Thad let go of the spoon. It kept spinning on its own in the glass, carried around in circles by the force of the milk. Relief took the tension out of his body, but it rebounded again when he weighed Siddoh's words. “What do you mean ‘let her go'? They don't do that.” He looked from Siddoh to Flay. The blond-haired vampire nodded confirmation.

“We don't know exactly what went down except that he dropped the bomb about her wizard blood, and she went off half-cocked when she realized she was the last to know.”

“And that her wizard friend had stolen some vampire powers,” Flay interjected.

Thad cursed. And cursed some more when he slid off the seat and milk sloshed onto his hand from the overfull cup. “Okay, so what are you two clowns doing back here?”

Siddoh pushed back his chair as well. “Xander and Anton are cleaning things up with Ty. We wanted to fill you in.”

Thad sipped the milk. Tasted okay. Fingers crossed, he rinsed the spoon and put it in the dish drainer by the sink. “All right. Listen—” From the corner of his eye, he caught Flay's tired lean in the doorway. “Flay, report in at the barracks, would you? I need to have a talk with Siddoh.”

Cup in hand, Thad stepped close to Siddoh once they were alone. The estate was mostly dead at this time of day, but it paid to be sure nobody would overhear. “How much do you know about Lee's history? The way-back stuff, I mean.” Siddoh, at almost four hundred years old, was the closest in age to Lee of Thad's inner circle.

Siddoh rubbed his chin thoughtfully. “Aside from the shit with Agnessa, not a whole lot. Parents both died early, mother in birth or soon after, as I understand it. Father…” Siddoh frowned thoughtfully. “He came over from the mountain areas when your father did, I think. I've gleaned they didn't have a good relationship, mostly because Lee won't talk about him. Then again, Lee doesn't talk about much of anything.” He glanced over his shoulder and moved even closer to Thad in the kitchen. “What's this about?”

I
wish
I
knew.
“Maybe nothing.” Thad shook his head. “Council elders wanted to reopen the issue on human interaction. And they want to lower the soldier retirement age to eight hundred. Lee didn't take it so well.”

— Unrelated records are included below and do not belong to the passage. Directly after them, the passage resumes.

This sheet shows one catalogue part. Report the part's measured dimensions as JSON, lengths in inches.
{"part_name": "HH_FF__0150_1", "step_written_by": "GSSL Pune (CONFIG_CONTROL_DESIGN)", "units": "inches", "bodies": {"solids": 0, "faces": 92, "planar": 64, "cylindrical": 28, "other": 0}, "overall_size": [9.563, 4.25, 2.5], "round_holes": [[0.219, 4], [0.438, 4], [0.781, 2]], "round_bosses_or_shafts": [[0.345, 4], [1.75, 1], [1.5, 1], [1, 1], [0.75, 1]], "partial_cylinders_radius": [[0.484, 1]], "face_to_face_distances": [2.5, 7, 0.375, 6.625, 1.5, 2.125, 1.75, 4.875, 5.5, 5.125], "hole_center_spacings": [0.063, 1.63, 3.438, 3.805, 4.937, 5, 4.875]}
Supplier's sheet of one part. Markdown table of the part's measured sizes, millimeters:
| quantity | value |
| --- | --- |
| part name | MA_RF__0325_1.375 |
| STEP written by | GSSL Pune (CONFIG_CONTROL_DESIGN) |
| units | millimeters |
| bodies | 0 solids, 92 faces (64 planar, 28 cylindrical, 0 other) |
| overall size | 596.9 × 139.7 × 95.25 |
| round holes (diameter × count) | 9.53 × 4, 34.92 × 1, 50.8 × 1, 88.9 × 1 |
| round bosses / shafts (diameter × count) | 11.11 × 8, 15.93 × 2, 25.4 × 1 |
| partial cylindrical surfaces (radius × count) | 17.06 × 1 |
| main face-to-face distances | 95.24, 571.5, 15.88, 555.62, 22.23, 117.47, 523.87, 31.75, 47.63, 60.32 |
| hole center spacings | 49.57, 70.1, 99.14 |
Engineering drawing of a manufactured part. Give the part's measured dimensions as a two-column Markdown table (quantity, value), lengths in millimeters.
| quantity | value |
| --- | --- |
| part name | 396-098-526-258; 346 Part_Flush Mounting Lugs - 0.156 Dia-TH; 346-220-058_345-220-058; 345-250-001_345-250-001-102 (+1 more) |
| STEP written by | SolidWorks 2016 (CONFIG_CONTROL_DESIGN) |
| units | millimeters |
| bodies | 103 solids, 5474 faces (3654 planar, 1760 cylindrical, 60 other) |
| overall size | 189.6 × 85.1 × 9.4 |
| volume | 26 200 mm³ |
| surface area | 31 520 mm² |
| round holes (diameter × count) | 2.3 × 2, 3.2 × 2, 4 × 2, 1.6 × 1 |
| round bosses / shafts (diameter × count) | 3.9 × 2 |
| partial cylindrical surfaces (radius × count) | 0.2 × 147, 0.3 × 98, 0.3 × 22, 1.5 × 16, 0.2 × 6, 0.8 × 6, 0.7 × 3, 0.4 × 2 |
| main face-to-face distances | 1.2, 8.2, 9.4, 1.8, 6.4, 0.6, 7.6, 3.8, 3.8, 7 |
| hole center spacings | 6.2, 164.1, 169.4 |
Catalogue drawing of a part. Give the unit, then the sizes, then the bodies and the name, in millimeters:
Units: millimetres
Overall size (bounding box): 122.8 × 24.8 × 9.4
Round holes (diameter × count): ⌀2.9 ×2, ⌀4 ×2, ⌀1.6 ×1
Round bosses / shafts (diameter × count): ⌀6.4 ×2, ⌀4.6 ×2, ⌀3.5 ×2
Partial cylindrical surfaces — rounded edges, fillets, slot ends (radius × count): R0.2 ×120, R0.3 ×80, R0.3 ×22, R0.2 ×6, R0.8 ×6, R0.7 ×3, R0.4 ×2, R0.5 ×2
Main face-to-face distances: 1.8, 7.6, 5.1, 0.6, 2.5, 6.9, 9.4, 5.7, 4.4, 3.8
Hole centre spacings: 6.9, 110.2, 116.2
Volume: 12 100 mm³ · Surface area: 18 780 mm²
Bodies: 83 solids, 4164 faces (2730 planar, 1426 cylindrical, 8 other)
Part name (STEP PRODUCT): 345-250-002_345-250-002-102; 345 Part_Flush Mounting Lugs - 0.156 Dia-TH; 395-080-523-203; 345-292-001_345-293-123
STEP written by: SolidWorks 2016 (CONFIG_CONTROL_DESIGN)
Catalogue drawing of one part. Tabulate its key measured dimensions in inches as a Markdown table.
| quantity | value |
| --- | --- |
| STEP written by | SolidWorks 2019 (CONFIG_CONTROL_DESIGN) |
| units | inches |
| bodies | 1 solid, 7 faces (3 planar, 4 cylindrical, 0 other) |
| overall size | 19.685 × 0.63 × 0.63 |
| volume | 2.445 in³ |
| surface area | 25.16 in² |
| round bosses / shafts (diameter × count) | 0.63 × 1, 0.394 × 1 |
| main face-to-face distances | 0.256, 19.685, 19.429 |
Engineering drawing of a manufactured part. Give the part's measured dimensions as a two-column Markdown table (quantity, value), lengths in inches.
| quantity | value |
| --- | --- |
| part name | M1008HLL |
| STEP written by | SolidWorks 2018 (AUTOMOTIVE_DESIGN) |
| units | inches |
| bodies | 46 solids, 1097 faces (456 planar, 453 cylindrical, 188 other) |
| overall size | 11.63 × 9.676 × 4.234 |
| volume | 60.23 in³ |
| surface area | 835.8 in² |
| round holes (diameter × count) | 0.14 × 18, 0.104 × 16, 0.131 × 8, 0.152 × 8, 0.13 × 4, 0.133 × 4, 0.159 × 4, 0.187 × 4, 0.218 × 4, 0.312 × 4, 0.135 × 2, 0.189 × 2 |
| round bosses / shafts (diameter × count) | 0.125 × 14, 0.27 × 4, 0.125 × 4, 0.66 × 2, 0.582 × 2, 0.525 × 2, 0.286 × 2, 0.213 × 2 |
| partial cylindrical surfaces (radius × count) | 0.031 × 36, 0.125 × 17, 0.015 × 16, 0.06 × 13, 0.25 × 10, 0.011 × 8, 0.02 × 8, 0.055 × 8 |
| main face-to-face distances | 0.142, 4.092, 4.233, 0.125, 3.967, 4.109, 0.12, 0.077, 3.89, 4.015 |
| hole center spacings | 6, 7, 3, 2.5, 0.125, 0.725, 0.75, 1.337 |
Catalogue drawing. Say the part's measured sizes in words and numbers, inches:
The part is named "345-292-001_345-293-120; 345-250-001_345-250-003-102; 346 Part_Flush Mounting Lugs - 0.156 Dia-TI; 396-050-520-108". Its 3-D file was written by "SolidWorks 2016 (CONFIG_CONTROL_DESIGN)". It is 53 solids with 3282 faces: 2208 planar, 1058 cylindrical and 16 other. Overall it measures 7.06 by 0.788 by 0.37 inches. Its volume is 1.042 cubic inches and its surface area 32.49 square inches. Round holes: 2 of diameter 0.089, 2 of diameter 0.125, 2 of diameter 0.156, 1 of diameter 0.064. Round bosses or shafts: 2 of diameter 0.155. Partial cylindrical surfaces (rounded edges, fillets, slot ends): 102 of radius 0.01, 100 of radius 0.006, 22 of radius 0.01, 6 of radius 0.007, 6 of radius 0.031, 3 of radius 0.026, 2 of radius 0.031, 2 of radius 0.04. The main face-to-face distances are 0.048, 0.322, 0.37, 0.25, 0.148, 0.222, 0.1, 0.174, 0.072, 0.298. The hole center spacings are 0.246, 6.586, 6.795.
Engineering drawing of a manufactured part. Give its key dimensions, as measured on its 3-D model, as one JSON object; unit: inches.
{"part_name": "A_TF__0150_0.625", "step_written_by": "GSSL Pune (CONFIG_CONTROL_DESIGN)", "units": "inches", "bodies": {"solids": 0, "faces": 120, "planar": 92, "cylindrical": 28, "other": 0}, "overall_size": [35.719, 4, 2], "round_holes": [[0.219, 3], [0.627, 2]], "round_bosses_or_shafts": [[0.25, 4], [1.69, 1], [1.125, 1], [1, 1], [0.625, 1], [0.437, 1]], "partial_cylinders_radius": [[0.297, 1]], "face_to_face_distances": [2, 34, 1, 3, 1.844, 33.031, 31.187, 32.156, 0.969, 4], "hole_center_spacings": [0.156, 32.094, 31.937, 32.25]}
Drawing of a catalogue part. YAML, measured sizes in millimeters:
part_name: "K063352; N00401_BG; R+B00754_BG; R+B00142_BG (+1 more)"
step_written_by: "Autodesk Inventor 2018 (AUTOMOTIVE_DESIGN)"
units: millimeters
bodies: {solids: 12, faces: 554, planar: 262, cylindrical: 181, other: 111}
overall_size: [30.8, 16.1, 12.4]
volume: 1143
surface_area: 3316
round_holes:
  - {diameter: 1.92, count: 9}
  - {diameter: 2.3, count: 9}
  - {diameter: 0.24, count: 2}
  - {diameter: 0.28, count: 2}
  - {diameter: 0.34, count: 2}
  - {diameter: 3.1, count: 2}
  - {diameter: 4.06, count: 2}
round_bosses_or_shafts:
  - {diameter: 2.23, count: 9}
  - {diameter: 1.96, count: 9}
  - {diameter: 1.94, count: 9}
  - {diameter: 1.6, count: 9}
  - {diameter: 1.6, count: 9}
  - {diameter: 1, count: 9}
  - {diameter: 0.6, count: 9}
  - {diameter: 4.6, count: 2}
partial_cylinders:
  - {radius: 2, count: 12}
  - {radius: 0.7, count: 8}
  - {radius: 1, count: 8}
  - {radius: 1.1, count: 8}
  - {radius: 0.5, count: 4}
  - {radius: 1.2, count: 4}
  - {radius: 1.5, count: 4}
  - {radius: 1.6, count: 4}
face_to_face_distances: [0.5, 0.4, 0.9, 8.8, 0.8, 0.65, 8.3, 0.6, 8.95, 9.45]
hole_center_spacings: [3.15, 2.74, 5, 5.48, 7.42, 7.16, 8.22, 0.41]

As if on cue, there were footsteps in the hall. Ivy, his house manager, headed toward them with her long, dark hair pulled up in a ponytail. She was too busy sorting a stack of mail to notice them.

Thad jerked his head. “It was Ivy's father who was so hell-bent.”

Siddoh stepped back, stuffing his hands into his pockets. “Honestly? It could be nothing. It could be as simple as he doesn't want to have to retire in a hundred years, 'cuz hell, I'd like to think I'll still be in prime fighting shape when I'm that age, too. Realistically? Lee's a little cagey, and he can be wound pretty tight. They do some sort of a background check or something before induction, right? Maybe something he doesn't want found.”

Thad took another sip of strawberry milk, and his stomach turned. “That's what I was wondering.”

“Dunno, man. This sort of thing is why I'm glad not to be in your shoes. Listen, you're in charge, though. You can smack this shit down, right? Or maybe compromise. Give a little on the human interaction stuff in exchange for the other thing.”

Thad had already given serious consideration to that option. His primary resistance to the human-vampire interaction bill had been that it would make the existence of half-human vampires illegal. It would have affected his own sister. Only now, it didn't affect her, did it? Still, it was a slippery slope. If they started regulating these things by law, where did it end?

“I'd better get Isabel her milk,” he said.

Siddoh nodded and took another step toward the door, stroking his chin. “Look. No love lost between me and Lee, you know that. But the way I figure it? He's always been a good fighter. He's always been loyal. Some things are better left buried.”